Spanish major Shari Williams spoke the language of music on the piano with Beethoven's 'Allegretto no. 5 in C Minor' and the more light-hearted Willy Waddlestrick's Walk About, before Quinton Yearde strode back and forth in performing an excerpt from his original Zombie Dada, which examined Jamaica's pervasive violence, laughter coming when his voice lifted into sketel and dipped into boom.

Deejay and poetry

Kingsley 'Ragashanti' Stewart's Enter The Dancehall was a combination of deejay and poetry with a touch of song and healthy scoopings of humour in which Shower and Comrade discussed the forthcoming general election, even as it cautioned ... when yu defen' yu party/JLP or PNP/No badda mek no war, no mek no duppy.

Their discussions made laughter, though, as one sang Trafigura, Trafigura and the other chortled tainted money, tainted money, the tinkling of tuned steel from the Concert Ensemble of the University Panoridim Steel Orchestra bringing up the break.
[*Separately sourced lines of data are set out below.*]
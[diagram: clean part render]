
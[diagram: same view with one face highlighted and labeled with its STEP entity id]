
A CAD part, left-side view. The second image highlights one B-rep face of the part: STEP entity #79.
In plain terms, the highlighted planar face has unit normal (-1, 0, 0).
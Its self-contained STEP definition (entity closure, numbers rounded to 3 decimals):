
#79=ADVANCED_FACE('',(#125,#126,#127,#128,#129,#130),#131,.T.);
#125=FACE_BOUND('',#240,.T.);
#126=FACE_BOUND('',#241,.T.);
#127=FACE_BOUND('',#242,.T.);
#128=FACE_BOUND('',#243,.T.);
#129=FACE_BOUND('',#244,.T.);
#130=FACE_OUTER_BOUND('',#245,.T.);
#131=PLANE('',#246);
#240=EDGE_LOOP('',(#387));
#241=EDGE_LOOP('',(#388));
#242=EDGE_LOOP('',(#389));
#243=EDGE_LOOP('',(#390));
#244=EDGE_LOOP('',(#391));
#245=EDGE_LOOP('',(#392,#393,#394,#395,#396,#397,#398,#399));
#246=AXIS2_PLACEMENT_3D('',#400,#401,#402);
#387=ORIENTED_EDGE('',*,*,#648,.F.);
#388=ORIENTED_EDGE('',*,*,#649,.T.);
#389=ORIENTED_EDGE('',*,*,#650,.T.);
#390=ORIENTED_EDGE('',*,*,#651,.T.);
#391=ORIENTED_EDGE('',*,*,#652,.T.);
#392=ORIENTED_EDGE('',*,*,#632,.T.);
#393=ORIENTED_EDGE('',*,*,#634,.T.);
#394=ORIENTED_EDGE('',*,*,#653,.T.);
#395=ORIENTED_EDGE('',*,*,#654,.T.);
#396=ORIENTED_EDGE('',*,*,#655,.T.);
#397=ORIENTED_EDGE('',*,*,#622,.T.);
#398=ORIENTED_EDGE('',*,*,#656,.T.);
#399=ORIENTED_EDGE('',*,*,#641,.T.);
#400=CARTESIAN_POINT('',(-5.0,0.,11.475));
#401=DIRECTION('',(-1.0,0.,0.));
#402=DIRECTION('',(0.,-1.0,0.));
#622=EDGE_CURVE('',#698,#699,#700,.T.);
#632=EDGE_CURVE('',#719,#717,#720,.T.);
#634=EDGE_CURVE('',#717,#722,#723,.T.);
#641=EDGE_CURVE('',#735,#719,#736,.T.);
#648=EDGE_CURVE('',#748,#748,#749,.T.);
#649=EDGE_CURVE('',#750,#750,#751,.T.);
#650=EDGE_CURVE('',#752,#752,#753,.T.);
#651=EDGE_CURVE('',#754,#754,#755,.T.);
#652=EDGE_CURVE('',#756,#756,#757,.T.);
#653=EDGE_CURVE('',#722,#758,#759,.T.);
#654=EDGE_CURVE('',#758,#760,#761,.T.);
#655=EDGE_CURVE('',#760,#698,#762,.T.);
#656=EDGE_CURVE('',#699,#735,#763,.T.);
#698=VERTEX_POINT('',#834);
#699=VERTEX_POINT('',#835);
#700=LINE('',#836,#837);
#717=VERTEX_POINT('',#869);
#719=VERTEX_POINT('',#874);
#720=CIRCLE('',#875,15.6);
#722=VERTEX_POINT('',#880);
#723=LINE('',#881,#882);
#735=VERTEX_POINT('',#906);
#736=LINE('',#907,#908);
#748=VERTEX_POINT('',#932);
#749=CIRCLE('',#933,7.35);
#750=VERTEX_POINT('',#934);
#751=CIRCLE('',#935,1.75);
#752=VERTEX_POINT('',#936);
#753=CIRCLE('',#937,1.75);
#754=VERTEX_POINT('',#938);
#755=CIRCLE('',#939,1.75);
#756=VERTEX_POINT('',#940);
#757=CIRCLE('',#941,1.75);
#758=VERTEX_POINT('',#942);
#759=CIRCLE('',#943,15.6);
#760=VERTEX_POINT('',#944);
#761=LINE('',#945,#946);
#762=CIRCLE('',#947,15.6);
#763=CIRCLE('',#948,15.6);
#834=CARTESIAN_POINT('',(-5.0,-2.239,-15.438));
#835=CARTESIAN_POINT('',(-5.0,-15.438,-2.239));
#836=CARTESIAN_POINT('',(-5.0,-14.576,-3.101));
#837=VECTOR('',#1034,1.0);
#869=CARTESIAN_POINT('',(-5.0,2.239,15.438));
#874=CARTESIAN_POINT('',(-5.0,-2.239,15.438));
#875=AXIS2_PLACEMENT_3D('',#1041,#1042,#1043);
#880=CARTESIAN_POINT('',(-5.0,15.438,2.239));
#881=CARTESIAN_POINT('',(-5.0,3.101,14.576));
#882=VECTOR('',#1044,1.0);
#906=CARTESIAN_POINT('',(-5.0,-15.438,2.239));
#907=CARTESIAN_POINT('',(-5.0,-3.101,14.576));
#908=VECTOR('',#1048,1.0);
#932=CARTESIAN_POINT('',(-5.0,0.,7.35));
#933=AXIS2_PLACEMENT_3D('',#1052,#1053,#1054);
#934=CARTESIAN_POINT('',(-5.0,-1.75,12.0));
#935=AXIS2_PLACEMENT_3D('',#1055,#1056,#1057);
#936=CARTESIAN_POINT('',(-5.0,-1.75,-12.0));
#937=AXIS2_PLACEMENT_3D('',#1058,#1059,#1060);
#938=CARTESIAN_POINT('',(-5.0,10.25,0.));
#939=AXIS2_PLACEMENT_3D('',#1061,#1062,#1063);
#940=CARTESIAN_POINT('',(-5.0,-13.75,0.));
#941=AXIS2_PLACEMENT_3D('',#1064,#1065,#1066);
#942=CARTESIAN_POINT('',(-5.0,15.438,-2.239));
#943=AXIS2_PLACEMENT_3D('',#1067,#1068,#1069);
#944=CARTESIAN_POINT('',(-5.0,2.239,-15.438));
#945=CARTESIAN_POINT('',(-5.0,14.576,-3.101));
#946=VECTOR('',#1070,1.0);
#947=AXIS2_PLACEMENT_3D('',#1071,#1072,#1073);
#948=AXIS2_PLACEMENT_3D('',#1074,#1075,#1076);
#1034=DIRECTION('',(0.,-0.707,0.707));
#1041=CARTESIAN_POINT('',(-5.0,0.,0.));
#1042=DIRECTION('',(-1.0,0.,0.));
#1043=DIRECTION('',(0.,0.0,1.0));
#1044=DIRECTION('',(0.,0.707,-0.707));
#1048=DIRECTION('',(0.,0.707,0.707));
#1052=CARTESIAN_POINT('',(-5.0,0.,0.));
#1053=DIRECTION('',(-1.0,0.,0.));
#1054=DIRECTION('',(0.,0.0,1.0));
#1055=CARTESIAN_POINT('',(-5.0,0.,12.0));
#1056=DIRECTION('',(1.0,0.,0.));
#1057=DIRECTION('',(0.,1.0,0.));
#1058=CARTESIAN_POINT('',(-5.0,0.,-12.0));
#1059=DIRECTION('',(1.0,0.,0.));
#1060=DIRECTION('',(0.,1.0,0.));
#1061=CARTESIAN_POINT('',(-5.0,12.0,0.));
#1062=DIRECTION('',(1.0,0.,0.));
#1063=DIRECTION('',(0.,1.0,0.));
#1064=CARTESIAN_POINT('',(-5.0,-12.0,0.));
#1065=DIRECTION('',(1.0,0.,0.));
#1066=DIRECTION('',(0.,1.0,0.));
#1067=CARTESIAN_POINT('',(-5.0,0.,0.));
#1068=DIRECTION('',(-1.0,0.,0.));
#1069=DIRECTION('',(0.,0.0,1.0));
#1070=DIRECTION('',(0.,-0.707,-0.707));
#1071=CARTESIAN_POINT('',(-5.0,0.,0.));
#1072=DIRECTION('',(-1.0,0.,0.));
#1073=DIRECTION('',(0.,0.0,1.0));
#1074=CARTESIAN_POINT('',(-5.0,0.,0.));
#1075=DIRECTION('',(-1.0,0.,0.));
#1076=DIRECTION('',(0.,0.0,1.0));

Mervyn Morris read a number of pointed, to the point, poems to get the concert going again, starting with Toasting A Muse, sending one To the Unknown Non-Combatant (he crawled to join a side/a bullet clapped him in the neck/of course he died) and gave a rare pre-poem background of Valley Prince (for Don D).

There was laughter at the last line of Pussycat (she would have barred him from her treasure, if she had known her mind was getting laid) as well as Peelin' Orange, quiet for The Day My Father Died and applause as Morris ended A Chant Against Death with say sun and moon/say see you soon.